The subtler point is that this dilution is not meant to hit in a single day, which is exactly why it also acts as both a financing ceiling and an interpretation ceiling. Any clinical or operating improvement that lifts the stock will immediately be filtered through the question of whether it brings the new warrant layer closer to exercise, not only through the question of whether it improves the underlying business.

That said, the opposite exaggeration should also be avoided. This layer has real funding value. If the new March 2026 warrants and the related placement agent warrants are exercised in full, they imply roughly $8.3 million of additional gross proceeds. So March 2026 did not create dilution alone. It also created a second financing option. But it is an option, not cash in the bank. It depends on share performance, on completing the resale registration statement process, and on investors being willing to fund the company again through that same structure.

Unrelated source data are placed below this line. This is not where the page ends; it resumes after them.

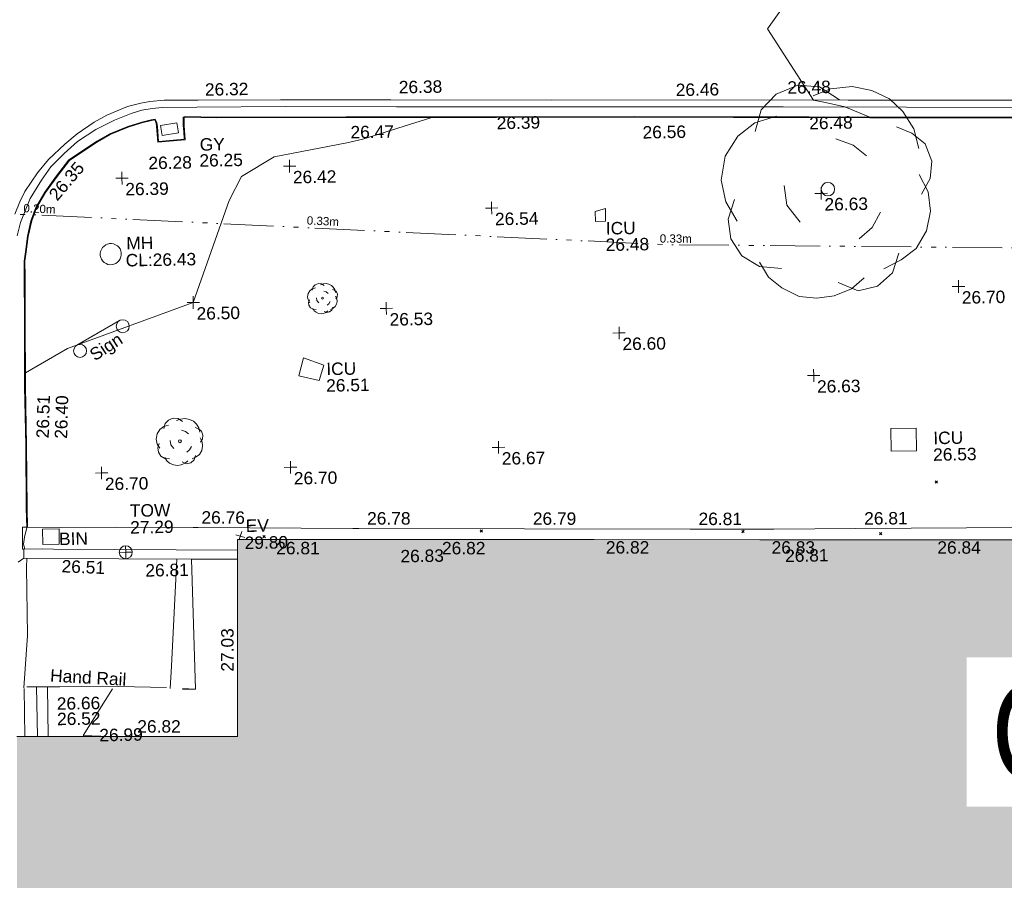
# Model space of a CAD drawing. Header units: millimetres. Extents: x -287732 to 520720, y -88450 to 287754.
# Tile 99 of 256: x -92580 to -62872, y 56187 to 82152. Entities that reach past the tile are written whole.
import ezdxf

# ---------------------------------------------------------------- set-up
doc = ezdxf.new("R2010")
doc.units = ezdxf.units.MM
doc.linetypes.add('IMPORT-UG_EIR_QLB2 _2_', pattern=[2750, 1500, -300, 0, -300, 150, -300, 0, -200])
doc.linetypes.add('IMPORT-UG_ELEC_STREET LIGHTING_QLB2 _2_', pattern=[2700, 1500, -300, 0, -250, 150, -300, 0, -200])
for name, color, linetype, lineweight, true_color in [('00_TOPO_BIN', 7, 'Continuous', 9, 0x7f5f3f), ('00_TOPO_BUILDING_OUTLINE', 5, 'Continuous', 9, 0x0000ff), ('00_TOPO_EAVE', 7, 'Continuous', 9, 0x666666), ('00_TOPO_FURN_SIGN', 7, 'Continuous', 9, 0x666666), ('00_TOPO_KERB_BOTTOM', 1, 'Continuous', 9, 0xff0000), ('00_TOPO_KERB_TOP', 7, 'Continuous', 9, 0xa500a5), ('00_TOPO_LEVEL_SPOT', 7, 'Continuous', 9, 0x666666), ('00_TOPO_ROAD_MARKING_YELLOW_CONTINUOUS', 40, 'Continuous', 9, 0xffbf00), ('00_TOPO_SERV_GULLY', 7, 'Continuous', 9, 0x5252a5), ('00_TOPO_SERV_IC', 5, 'Continuous', 9, 0x0000ff), ('00_TOPO_SERV_MH', 7, 'Continuous', 9, 0x666666), ('00_TOPO_STEPS', 7, 'Continuous', 9, 0x666666), ('00_TOPO_TOP_OF_WALL', 7, 'Continuous', 9, 0x666666), ('00_TOPO_TREE', 7, 'Continuous', 9, 0x666666), ('00_TOPO_WALL', 7, 'Continuous', 9, 0x7c00a5), ('00_UAV_BUILDING_OUTLINE', 5, 'Continuous', 9, 0x0000ff), ('00_UAV_CONCRETE', 9, 'Continuous', 9, 0x808080), ('00_UAV_FORM_LINES', 7, 'Continuous', 9, 0x666666), ('01_DTM_CONTOUR_MNR', 7, 'Continuous', 9, 0xa5a552), ('12333-PUM-2D-U-0001-C01 - Rev2_REVIT IMPORT_dwg', 7, 'Continuous', 9, 0x767676), ('A_RHA_Line', 7, 'Continuous', 9, 0x00a600), ('PUM-EIRCOMM-NOTES', 6, 'Continuous', 9, 0xff00ff), ('PUM-EIRCOMM-QLB2', 6, 'IMPORT-UG_EIR_QLB2 _2_', 9, 0xff00ff)]:
    doc.layers.add(name, color=color, linetype=linetype, lineweight=lineweight, true_color=true_color)
for name, color, linetype, lineweight in [('00_TOPO_HAND_RAIL', 7, 'Continuous', 9), ('00_TOPO_ROAD_EDGE', 7, 'Continuous', 9), ('A_RHA_Detail', 7, 'Continuous', 9), ('A_RHA_Text', 7, 'Continuous', 9), ('GEN-TEXT', 7, 'Continuous', 9)]:
    doc.layers.add(name, color=color, linetype=linetype, lineweight=lineweight)
doc.styles.add('Arial Narrow', font='ARIALN.TTF', dxfattribs={"height": 3000})
doc.styles.add('Arial_1', font='arial.ttf', dxfattribs={"height": 250})
doc.styles.add('Swis721 Lt BT_2', font='swissl.ttf', dxfattribs={"height": 375})

# ---------------------------------------------------------------- blocks, each defined once
blk = doc.blocks.new('12333-PUM-2D-U-0001-C01 - Rev2_REVIT IMPORT_dwg_CONIFEROUS_TREE-2077095-Site Location Plan Proposed')
at = {"layer": '00_TOPO_TREE', "color": 254, "true_color": 0xcccccc, "flags": 128}
for points in [[(533832953, 725635413), (533833150, 725636070), (533833610, 725636530), (533834267, 725636793), (533834924, 725636727), (533835515, 725636333)], [(533834727, 725636465), (533835252, 725636662), (533835909, 725636727), (533836501, 725636596), (533837026, 725636333), (533837420, 725635939), (533837749, 725635413), (533837880, 725634822)], [(533832362, 725632720), (533832034, 725633311), (533831902, 725633968), (533832034, 725634691), (533832428, 725635282), (533832953, 725635676), (533833610, 725635873)], [(533837223, 725635479), (533837683, 725635282), (533838077, 725634954), (533838274, 725634428), (533838208, 725633903), (533837946, 725633443)], [(533835384, 725635151), (533835909, 725634954), (533836303, 725634625)], [(533837880, 725634034), (533838143, 725633508), (533838208, 725632917), (533838077, 725632326), (533837749, 725631801), (533837289, 725631472), (533836763, 725631209)], [(533834267, 725632654), (533833873, 725633180), (533833807, 725633771)], [(533833676, 725631275), (533833019, 725631341), (533832493, 725631669), (533832165, 725632195), (533832099, 725632786), (533832296, 725633377)], [(533836698, 725632917), (533836435, 725632457), (533836041, 725632129)], [(533837223, 725631669), (533837026, 725631078), (533836566, 725630684), (533835975, 725630552), (533835384, 725630815)], [(533836172, 725630947), (533835778, 725630618), (533835252, 725630421), (533834727, 725630355), (533834201, 725630421), (533833676, 725630684), (533833282, 725631012), (533833019, 725631472)]]:
    blk.add_lwpolyline(points, dxfattribs=at)
at = {"layer": '00_TOPO_TREE', "color": 254, "true_color": 0xcccccc}
blk.add_circle((533835121, 725633640), 203, dxfattribs=at)
blk = doc.blocks.new('12333-PUM-2D-U-0001-C01 - Rev2_REVIT IMPORT_dwg_MSL_Sign_SYM-2077194-Site Location Plan Proposed')
at = {"layer": '00_TOPO_FURN_SIGN', "color": 254, "true_color": 0xcccccc}
blk.add_line((1862, 0), (-1862, 0), dxfattribs=at)
for centre in [(-1862, -489), (1862, -489)]:
    blk.add_circle(centre, 489, dxfattribs=at)
blk = doc.blocks.new('12333-PUM-2D-U-0001-C01 - Rev2_REVIT IMPORT_dwg_MSL_Eaves_SYM_1-V35-Site Location Plan Proposed')
at = {"layer": '00_TOPO_EAVE', "color": 254, "true_color": 0xcccccc}
for p, q in [((357, -116), (-357, 116)), ((-89, -272), (116, 357))]:
    blk.add_line(p, q, dxfattribs=at)
blk = doc.blocks.new('12333-PUM-2D-U-0001-C01 - Rev2_REVIT IMPORT_dwg_MM-2077200-Site Location Plan Proposed')
at = {"layer": '00_TOPO_LEVEL_SPOT', "color": 254, "true_color": 0xcccccc, "flags": 128}
for points in [[(0, -500), (0, 0), (-500, 0)], [(500, 0), (0, 0), (0, 500)]]:
    blk.add_lwpolyline(points, dxfattribs=at)
blk = doc.blocks.new('12333-PUM-2D-U-0001-C01 - Rev2_REVIT IMPORT_dwg_TOW-2077202-Site Location Plan Proposed')
at = {"layer": '00_TOPO_TOP_OF_WALL', "color": 254, "true_color": 0xcccccc, "flags": 128}
for points in [[(0, 525), (0, 0), (-525, 0)], [(525, 0), (0, 0), (0, -525)]]:
    blk.add_lwpolyline(points, dxfattribs=at)
at = {"layer": '00_TOPO_TOP_OF_WALL', "color": 254, "true_color": 0xcccccc}
blk.add_circle((0, 0), 525, dxfattribs=at)
blk = doc.blocks.new('12333-PUM-2D-U-0001-C01 - Rev2_REVIT IMPORT_dwg_CONIFEROUS_TREE-2077225-Site Location Plan Proposed')
at = {"layer": '00_TOPO_TREE', "color": 254, "true_color": 0xcccccc, "flags": 128}
for points in [[(533819429, 725630486), (533819382, 725630570), (533819363, 725630663), (533819382, 725630765), (533819438, 725630849), (533819513, 725630905), (533819606, 725630933)], [(533819513, 725630868), (533819541, 725630961), (533819606, 725631026), (533819699, 725631064), (533819792, 725631054), (533819876, 725630998)], [(533819764, 725631017), (533819839, 725631045), (533819932, 725631054), (533820016, 725631036), (533820091, 725630998), (533820147, 725630942), (533820193, 725630868), (533820212, 725630784)], [(533819699, 725630476), (533819643, 725630551), (533819634, 725630635)], [(533819858, 725630831), (533819932, 725630803), (533819988, 725630756)], [(533820212, 725630672), (533820249, 725630598), (533820258, 725630514), (533820240, 725630430), (533820193, 725630355), (533820128, 725630309), (533820053, 725630271)], [(533820119, 725630877), (533820184, 725630849), (533820240, 725630803), (533820268, 725630728), (533820258, 725630653), (533820221, 725630588)], [(533819615, 725630281), (533819522, 725630290), (533819447, 725630336), (533819401, 725630411), (533819391, 725630495), (533819419, 725630579)], [(533819969, 725630234), (533819914, 725630187), (533819839, 725630159), (533819764, 725630150), (533819690, 725630159), (533819615, 725630197), (533819559, 725630243), (533819522, 725630309)], [(533820119, 725630336), (533820091, 725630253), (533820025, 725630197), (533819942, 725630178), (533819858, 725630215)], [(533820044, 725630514), (533820007, 725630448), (533819951, 725630402)]]:
    blk.add_lwpolyline(points, dxfattribs=at)
at = {"layer": '00_TOPO_TREE', "color": 254, "true_color": 0xcccccc}
blk.add_circle((533819820, 725630616), 28.8, dxfattribs=at)
blk = doc.blocks.new('12333-PUM-2D-U-0001-C01 - Rev2_REVIT IMPORT_dwg_CONIFEROUS_TREE-2077226-Site Location Plan Proposed')
at = {"layer": '00_TOPO_TREE', "color": 254, "true_color": 0xcccccc, "flags": 128}
for points in [[(533814958, 725626770), (533815002, 725626915), (533815104, 725627017), (533815249, 725627076), (533815394, 725627061), (533815525, 725626974)], [(533815351, 725627003), (533815467, 725627046), (533815613, 725627061), (533815744, 725627032), (533815860, 725626974), (533815947, 725626886), (533816020, 725626770), (533816049, 725626639)], [(533814827, 725626174), (533814754, 725626304), (533814725, 725626450), (533814754, 725626610), (533814842, 725626741), (533814958, 725626828), (533815104, 725626872)], [(533815904, 725626785), (533816005, 725626741), (533816093, 725626668), (533816136, 725626552), (533816122, 725626435), (533816064, 725626334)], [(533815496, 725626712), (533815613, 725626668), (533815700, 725626595)], [(533816049, 725626465), (533816107, 725626348), (533816122, 725626217), (533816093, 725626086), (533816020, 725625970), (533815918, 725625897), (533815802, 725625839)], [(533815118, 725625853), (533814973, 725625868), (533814856, 725625941), (533814783, 725626057), (533814769, 725626188), (533814813, 725626319)], [(533815249, 725626159), (533815162, 725626275), (533815147, 725626406)], [(533815787, 725626217), (533815729, 725626115), (533815642, 725626043)], [(533815671, 725625781), (533815584, 725625708), (533815467, 725625664), (533815351, 725625650), (533815234, 725625664), (533815118, 725625723), (533815031, 725625795), (533814973, 725625897)], [(533815904, 725625941), (533815860, 725625810), (533815758, 725625723), (533815627, 725625693), (533815496, 725625752)]]:
    blk.add_lwpolyline(points, dxfattribs=at)
at = {"layer": '00_TOPO_TREE', "color": 254, "true_color": 0xcccccc}
blk.add_circle((533815438, 725626377), 44.9, dxfattribs=at)
blk = doc.blocks.new('12333-PUM-2D-U-0001-C01 - Rev2_REVIT IMPORT_dwg_MGS62954_T2_Galway_ITM_3d_Rev1-2077680-Site Location Plan Proposed')
at = {"layer": '00_TOPO_BIN', "color": 254, "true_color": 0xcccccc}
for p, q in [((533811251, 725623339), (533811251, 725623796)), ((533811747, 725623796), (533811251, 725623796)), ((533811747, 725623339), (533811747, 725623796)), ((533811251, 725623339), (533811747, 725623339))]:
    blk.add_line(p, q, dxfattribs=at)
at = {"layer": '00_TOPO_HAND_RAIL', "color": 254, "true_color": 0xcccccc, "flags": 128}
blk.add_lwpolyline([(533810689, 725619048), (533811690, 725619030), (533812979, 725619026), (533814902, 725618960)], dxfattribs=at)
at = {"layer": '00_TOPO_KERB_BOTTOM', "color": 254, "true_color": 0xcccccc, "flags": 128}
blk.add_lwpolyline([(533841781, 725635694), (533839087, 725635742), (533836422, 725635793), (533834592, 725635834), (533832309, 725635875), (533829334, 725635932), (533825164, 725636000), (533820618, 725636078), (533816718, 725636138), (533815768, 725636174), (533815713, 725636153), (533815707, 725635898), (533815716, 725635705), (533815727, 725635485), (533814949, 725635432), (533814926, 725635885), (533814911, 725635989), (533814862, 725636109), (533814744, 725636089), (533814455, 725636025), (533814035, 725635903), (533813483, 725635685), (533813095, 725635470), (533812683, 725635211), (533812236, 725634923), (533811858, 725634446), (533811500, 725633963), (533811215, 725633505), (533811063, 725633107), (533810949, 725632641), (533810877, 725632176), (533810834, 725631894), (533810831, 725631418), (533810814, 725630166), (533810784, 725628105), (533810785, 725626328), (533810771, 725624444), (533810777, 725623862)], dxfattribs=at)
at = {"layer": '00_TOPO_KERB_TOP', "color": 254, "true_color": 0xcccccc, "flags": 128}
blk.add_lwpolyline([(533841781, 725635670), (533839086, 725635719), (533836421, 725635769), (533834592, 725635810), (533832309, 725635851), (533829333, 725635909), (533825164, 725635977), (533820618, 725636055), (533816717, 725636115), (533815772, 725636150), (533815737, 725636137), (533815731, 725635898), (533815752, 725635463), (533814926, 725635407), (533814902, 725635883), (533814888, 725635983), (533814848, 725636082), (533814749, 725636065), (533814461, 725636002), (533814042, 725635881), (533813493, 725635663), (533813107, 725635449), (533812696, 725635191), (533812252, 725634905), (533811876, 725634432), (533811520, 725633950), (533811237, 725633494), (533811086, 725633100), (533810972, 725632636), (533810901, 725632173), (533810858, 725631892), (533810855, 725631418), (533810837, 725630166), (533810807, 725628105), (533810808, 725626328), (533810794, 725624444), (533810801, 725623867)], dxfattribs=at)
at = {"layer": '00_TOPO_ROAD_EDGE', "color": 254, "true_color": 0xcccccc, "flags": 128}
for points in [[(533810777, 725623862), (533810643, 725623863), (533810633, 725623358), (533810635, 725623202), (533810674, 725623203)], [(533810760, 725622929), (533810746, 725622645), (533810744, 725620594), (533810606, 725619023)]]:
    blk.add_lwpolyline(points, dxfattribs=at)
at = {"layer": '00_TOPO_ROAD_MARKING_YELLOW_CONTINUOUS', "color": 254, "true_color": 0xcccccc, "flags": 128}
for points in [[(533842080, 725636200), (533839400, 725636250), (533835780, 725636310), (533831580, 725636400), (533826840, 725636470), (533821980, 725636560), (533818650, 725636620), (533816170, 725636660), (533815630, 725636670), (533815140, 725636670), (533814710, 725636640), (533814440, 725636600), (533814030, 725636500), (533813410, 725636250), (533813020, 725636050), (533812500, 725635700), (533812120, 725635400), (533811620, 725634950), (533811280, 725634550), (533810890, 725633990), (533810740, 725633680), (533810580, 725633310)], [(533841050, 725636000), (533837530, 725636070), (533833810, 725636150), (533830410, 725636210), (533827280, 725636260), (533822150, 725636350), (533818790, 725636420), (533816130, 725636450), (533815080, 725636450), (533814780, 725636430), (533814470, 725636380), (533814140, 725636290), (533813640, 725636100), (533813070, 725635820), (533812510, 725635470), (533812100, 725635120), (533811690, 725634720), (533811400, 725634330), (533811050, 725633780), (533810890, 725633410), (533810750, 725633060), (533810640, 725632660)]]:
    blk.add_lwpolyline(points, dxfattribs=at)
at = {"layer": '00_TOPO_SERV_GULLY', "color": 254, "true_color": 0xcccccc}
for p, q in [((533815519, 725635988), (533815023, 725635912)), ((533815557, 725635684), (533815519, 725635988)), ((533815061, 725635607), (533815023, 725635912)), ((533815061, 725635607), (533815557, 725635684))]:
    blk.add_line(p, q, dxfattribs=at)
at = {"layer": '00_TOPO_SERV_IC', "color": 254, "true_color": 0xcccccc}
for p, q in [((533828396, 725633169), (533828092, 725633093)), ((533828092, 725632788), (533828092, 725633093)), ((533828396, 725632788), (533828396, 725633169)), ((533828092, 725632788), (533828396, 725632788)), ((533819062, 725628292), (533819214, 725628826)), ((533819824, 725628597), (533819214, 725628826)), ((533819672, 725628140), (533819824, 725628597)), ((533819062, 725628292), (533819672, 725628140)), ((533836893, 725626387), (533837655, 725626387)), ((533836893, 725626387), (533836893, 725625701)), ((533837655, 725626387), (533837655, 725625701)), ((533836893, 725625701), (533837655, 725625701))]:
    blk.add_line(p, q, dxfattribs=at)
at = {"layer": '00_TOPO_SERV_MH', "color": 254, "true_color": 0xcccccc}
blk.add_ellipse((533813453, 725632057), major_axis=(202, 248), ratio=0.992761, dxfattribs=at)
at = {"layer": '00_TOPO_STEPS', "color": 254, "true_color": 0xcccccc}
for p, q in [((533810984, 725619043), (533810984, 725617544)), ((533811314, 725619037), (533811314, 725617538)), ((533810608, 725619004), (533810608, 725617550))]:
    blk.add_line(p, q, dxfattribs=at)
at = {"layer": '00_TOPO_WALL', "color": 254, "true_color": 0xcccccc, "flags": 128}
blk.add_lwpolyline([(533817123, 725623065), (533811569, 725623188), (533811248, 725623199), (533810674, 725623203), (533810671, 725622931), (533813532, 725622863), (533815741, 725622818), (533817027, 725622792), (533817118, 725622792)], dxfattribs=at)
at = {"layer": '00_UAV_CONCRETE', "color": 254, "true_color": 0xcccccc, "flags": 128}
blk.add_lwpolyline([(533810801, 725623867), (533811750, 725623842), (533813494, 725623816), (533815792, 725623768), (533815946, 725623765), (533820610, 725623654), (533820791, 725623650), (533825790, 725623555), (533830789, 725623460), (533833311, 725623413), (533835789, 725623385), (533840788, 725623329), (533843770, 725623296), (533845787, 725623237), (533850785, 725623092), (533855783, 725622947), (533855859, 725622944)], dxfattribs=at)
at = {"layer": '00_UAV_FORM_LINES', "color": 254, "true_color": 0xcccccc}
blk.add_line((533815390, 725618892), (533815778, 725618894), dxfattribs=at)
at = {"layer": '00_UAV_FORM_LINES', "color": 254, "true_color": 0xcccccc, "flags": 128}
blk.add_lwpolyline([(533815391, 725618912), (533815778, 725618894), (533815728, 725622818)], dxfattribs=at)
at = {"layer": '01_DTM_CONTOUR_MNR', "color": 254, "true_color": 0xcccccc, "flags": 128}
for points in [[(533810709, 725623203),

Another important point is that the bottleneck is no longer legal or technical. At the November 2025 shareholder meeting, authorized share capital was increased to 14 million shares. Even after 4.285 million shares outstanding and another 4.232 million potential shares through warrants, there is still room inside that authorized ceiling. The question is no longer whether the company can issue, but at what economic cost it keeps funding itself.

Why this matters now

In a pre-revenue biotech, capital structure is not an accounting footnote. It is part of the thesis. Can-Fite cannot separate clinical progress from the way it buys time until that progress arrives. That is why the March 2026 deal has to be read in two layers at once.

Layer one: immediate liquidity risk came down. The year-end going-concern disclosure did not remain unanswered, and the company did raise new cash after the balance sheet date.

Layer two: the price of that relief was a reset of the dilution ceiling. Instead of leaving the stock with an older warrant inventory whose center of gravity sat higher, the company created a new layer concentrated in one very large series and at lower exercise prices.

That also explains why the market can read the same event in two very different ways. A reader focused only on liquidity will see a company that bought more time for its trials. A reader focused on the full capital structure will see a company where almost every rally can quickly reopen the funding-via-equity question through warrants. Both readings are true at the same time.

Conclusion

The March 2026 transaction was a necessary financing move, not a clean-up. It bought Can-Fite time, but it did so by replacing the July 2025 warrant layer with a new and larger one, leaving an open warrant stack that now almost matches the current equity base.

So the next test is not only clinical. It is also capital-structure driven. For the thesis to improve, the March cash has to last until the next meaningful milestone without forcing the company back into a similar financing structure too quickly. If that does not happen, the liquidity relief may end up looking like only a waystation on the road to more dilution.